Department of Pediatrics, National Taiwan University Children's Hospital and College of Medicine, Taipei, Taiwan.
Department of Surgery, National Taiwan University Hospital and College of Medicine, Taipei, Taiwan.
Pediatr Crit Care Med. 2021 Aug 1;22(8):733-742. doi: 10.1097/PCC.0000000000002715.
Medical advances and the National Health Insurance coverage in Taiwan mean that mortality in the PICU is low. This study describes change in modes of death and end-of-life care in a single center, 2011-2017.
Multidisciplinary PICU in a tertiary referral Children's Hospital in Taiwan.
There were 316 deaths in PICU patients.
Palliative care consultation in the PICU service occurred after the 2013 "Hospice Palliative Care Act" revision.

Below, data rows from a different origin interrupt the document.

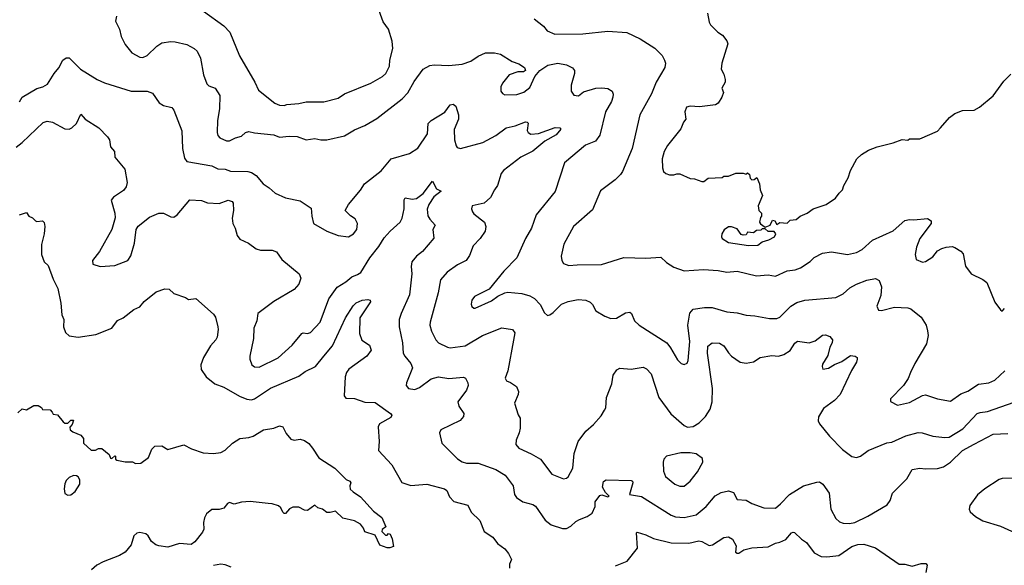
# Model space of a CAD drawing. Extents: x 1678431 to 1860718, y 384618 to 522882.
# Tile 402 of 473: x 1800629 to 1807320, y 449145 to 452850. Entities that reach past the tile are written whole.
import ezdxf

# ---------------------------------------------------------------- set-up
doc = ezdxf.new("R2010")
doc.units = 0

msp = doc.modelspace()

# ---------------------------------------------------------------- linework, layer by layer
at = {"layer": '0CON10XD'}
for points in [[(1802425, 452267.8), (1802445, 452273.1), (1802525, 452280.6), (1802575, 452293.1), (1802695, 452292.2), (1802793.7, 452316.3), (1802835, 452345.6), (1803015, 452420), (1803093.3, 452465), (1803116.2, 452485), (1803141.5, 452535), (1803143.5, 452575), (1803164.4, 452655), (1803159.4, 452705), (1803134.2, 452785), (1803099.4, 452835), (1803011.9, 453075)], [(1801878, 452908), (1802015, 452808.1), (1802057.1, 452765), (1802121.4, 452605), (1802227.1, 452425), (1802250.6, 452370.6), (1802362.4, 452282.4), (1802395, 452270), (1802425, 452267.8)], [(1805304.1, 452894.1), (1805314.3, 452834.3), (1805324, 452815), (1805373.8, 452765), (1805404.4, 452744.4), (1805435, 452706.7), (1805442, 452685), (1805400, 452555), (1805396.7, 452515), (1805415, 452480), (1805423.8, 452445), (1805423.3, 452425), (1805400, 452385), (1805411.2, 452355), (1805401.2, 452325), (1805375, 452283.3), (1805358.3, 452271.7), (1805248.3, 452258.3), (1805185, 452263.6), (1805159.4, 452255), (1805148.8, 452225), (1805156.2, 452175), (1805139.2, 452155), (1805122.1, 452107.9), (1805030.8, 451995), (1805009.2, 451955), (1804994.2, 451905), (1804996.7, 451845), (1805005, 451820), (1805020, 451805), (1805045, 451797.5), (1805075, 451796.7), (1805095, 451803.3), (1805115, 451803.3), (1805185, 451772.5), (1805215, 451770), (1805265, 451751.2), (1805278, 451752), (1805307, 451773), (1805401.7, 451778.3), (1805415, 451787.5), (1805445, 451787.5), (1805495, 451807.5), (1805545, 451807.5), (1805565, 451800), (1805575, 451810), (1805588.3, 451798.3), (1805593, 451773), (1805605, 451762.5), (1805620, 451765), (1805638.3, 451778.3), (1805657.5, 451735), (1805660, 451695), (1805677.5, 451655), (1805647.5, 451585), (1805652.5, 451555), (1805670, 451535), (1805670, 451515), (1805663, 451507), (1805657.5, 451475), (1805663.6, 451463.6), (1805695, 451440), (1805730, 451455), (1805745, 451487.5), (1805760, 451485), (1805775, 451460), (1805795, 451472.5), (1805845, 451467.5), (1805865, 451487.5), (1805905, 451492.5), (1805933.9, 451516.1), (1805980, 451535), (1806020, 451565), (1806110, 451595), (1806173, 451637), (1806197, 451673), (1806220, 451695), (1806230, 451725), (1806258.8, 451775), (1806273.8, 451825), (1806317.5, 451905), (1806350, 451935), (1806396.4, 451963.6), (1806455, 451987.5), (1806565, 452013.3), (1806625, 452037.5), (1806665, 452032.5), (1806675, 452040), (1806745, 452040), (1806866.1, 452093.9), (1806887.5, 452115), (1806947.5, 452185), (1806985, 452212.5), (1807037, 452233), (1807115, 452236.7), (1807152.5, 452255), (1807245, 452333.3), (1807317, 452433), (1807365, 452480)], [(1801286.2, 452875), (1801279.3, 452839.3), (1801306.2, 452785), (1801318.8, 452735), (1801345, 452682.5), (1801390, 452625), (1801445, 452596), (1801465, 452594.2), (1801495, 452608), (1801559.7, 452670.3), (1801595, 452693.8), (1801655, 452702.5), (1801685, 452700.8), (1801765, 452681.4), (1801813.3, 452655), (1801835, 452636), (1801858, 452588), (1801877.1, 452475), (1801900.8, 452415), (1801915, 452402), (1801956.2, 452385), (1801988, 452335), (1801985.8, 452245), (1801971.9, 452165), (1801971.4, 452085), (1801974.4, 452064.4), (1801987.8, 452047.8), (1802035, 452027.1), (1802055, 452027.1), (1802095, 452048.1), (1802135, 452059.2), (1802163.3, 452085), (1802185, 452090.8), (1802225, 452081.1), (1802355, 452068.5), (1802395, 452052.2), (1802460.3, 452059.7), (1802515, 452056.7), (1802575, 452034.4), (1802635, 452044.3), (1802675, 452034.3), (1802715, 452034.2), (1802835, 452060.8), (1802905, 452102.5), (1802975, 452130.6), (1803055, 452178.6), (1803228.1, 452311.9), (1803266.9, 452353.1), (1803309.8, 452430.2), (1803370, 452515), (1803415, 452540), (1803445, 452544.4), (1803545, 452539.5), (1803635, 452548.9), (1803695, 452568.9), (1803745, 452601.4), (1803795, 452624.3), (1803855, 452625.6), (1803896.7, 452615), (1803975, 452566), (1804021.2, 452551.2), (1804060, 452525), (1804066.1, 452503.9), (1804053.6, 452496.4), (1804015, 452496.2), (1803954, 452475), (1803910.3, 452419.7), (1803899.2, 452395), (1803898, 452365), (1803908.8, 452348.8), (1803925, 452340.8), (1804008.3, 452341.7), (1804055, 452357.5), (1804095, 452390), (1804128.8, 452465), (1804163.3, 452505), (1804218, 452542), (1804285.5, 452555.5), (1804345, 452544.2), (1804385, 452522), (1804398, 452505), (1804398, 452485), (1804375.7, 452405), (1804376, 452365), (1804395, 452338), (1804427.4, 452332.6), (1804460.9, 452359.1), (1804545, 452385.7), (1804585, 452388.1), (1804625, 452382.5), (1804654, 452365), (1804662.5, 452345), (1804660, 452325), (1804650.8, 452295), (1804609.4, 452225), (1804571.1, 452065), (1804540.8, 452025), (1804473.2, 451996.8), (1804331.8, 451878.2), (1804266.8, 451683.2), (1804139.2, 451525), (1804105.8, 451435), (1804066, 451365), (1804008, 451232), (1803918.7, 451141.3), (1803819.8, 451020.2), (1803720.3, 450969.7), (1803700.8, 450945), (1803697.3, 450917.3), (1803702.1, 450902.1), (1803715, 450891.2), (1803725, 450892), (1803835, 450940.6), (1803878, 450972), (1803925, 450994.4), (1803945, 450998.9), (1804040.9, 450990.9), (1804095, 450975.6), (1804126.2, 450956.2), (1804165, 450916), (1804195, 450858.8), (1804215, 450841.2), (1804232.5, 450845), (1804255, 450861.2), (1804310.9, 450919.1), (1804355, 450935.8), (1804425, 450950.8), (1804475, 450946.2), (1804505, 450931.2), (1804522, 450915), (1804545, 450873.8), (1804606, 450836), (1804645, 450820), (1804685, 450823.3), (1804745, 450860), (1804775, 450863.8), (1804786.2, 450855), (1804806.2, 450805), (1804838, 450775), (1805026, 450655), (1805052.6, 450622.6), (1805099.7, 450539.7), (1805125, 450516.2), (1805145, 450508.8), (1805165, 450516.7), (1805170.8, 450535), (1805182.9, 450665), (1805170, 450775), (1805183.9, 450856.1), (1805205.5, 450884.5), (1805283.4, 450896.6), (1805335, 450894.4), (1805435, 450866.9), (1805505, 450860), (1805565, 450844.4), (1805625, 450840), (1805725, 450821.4), (1805775, 450820.8), (1805795, 450830), (1805870, 450905), (1805910.6, 450929.4), (1805965, 450944.5), (1806175, 450963.1), (1806225, 450988.6), (1806270.9, 451029.1), (1806315, 451054.4), (1806385, 451081.9), (1806445, 451092), (1806469.1, 451079.1), (1806485.5, 451035), (1806482, 450978), (1806454.2, 450905), (1806465, 450876.7), (1806485, 450876.2), (1806575, 450897.1), (1806665, 450894.2), (1806685, 450887.5), (1806755, 450830), (1806788.1, 450775), (1806797.3, 450737.3), (1806802.2, 450705), (1806791.1, 450648.9), (1806713.1, 450515), (1806681.9, 450455), (1806667.4, 450412.6), (1806634.2, 450365), (1806546.7, 450275), (1806547, 450257), (1806595, 450232.9), (1806675, 450250), (1806765, 450298.8), (1806785, 450303.3), (1806865, 450276), (1806955, 450260), (1807025, 450308.9), (1807072.2, 450327.8), (1807145, 450374.4), (1807215.4, 450384.6), (1807255, 450403.1), (1807324.6, 450465.4)], [(1804125, 452856), (1804188.8, 452805), (1804214.4, 452774.4), (1804265, 452751.4), (1804455.4, 452754.6), (1804625, 452771.1), (1804755, 452764.2), (1804845, 452720), (1804945, 452656.7), (1804995, 452607.5), (1805010, 452575), (1805016.7, 452555), (1805013.3, 452525), (1804954, 452425), (1804922.4, 452347.6), (1804842, 452205), (1804790.6, 451975), (1804725, 451818.8), (1804712.4, 451797.6), (1804676.4, 451763.6), (1804575, 451687.5), (1804521.4, 451558.6), (1804391.4, 451445), (1804325.6, 451325), (1804308.1, 451245), (1804312.5, 451215), (1804324, 451195), (1804361.7, 451181.7), (1804417.5, 451185), (1804581.7, 451188.3), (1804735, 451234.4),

In the whole cohort, 22 of 316 patients (7%) were determined as "death by neurologic criteria". There were 94 of 316 patients (30%) who had an event needing cardiopulmonary resuscitation within 24 hours of death: 17 of these patients (17/94; 18%) died after failed cardiopulmonary resuscitation without a do-not-resuscitate order, and the other 77 of 94 patients (82%) had a do-not-resuscitate order after cardiopulmonary resuscitation. Overall, there were 200 of 316 patients (63%) who had a do-not-resuscitate order and were entered into the palliative program: 169 of 200 (85%) died after life-sustaining treatment was limited, and the other 31 of 200 (15%) died after life-sustaining treatment was withdrawn. From 2011 to 2017, the time-trend in end-of-life care showed the following associations: 1) a decrease in PICU mortality utilization rate, from 22% to 7% (p < 0.001); 2) a decrease in use of catecholamine infusions after do-not-resuscitate consent, from 87% to 47% (p = 0.001), in patients having limitation in life-sustaining treatment; and 3) an increase in withdrawal of life-sustaining treatment, from 4% to 31% (p < 0.001).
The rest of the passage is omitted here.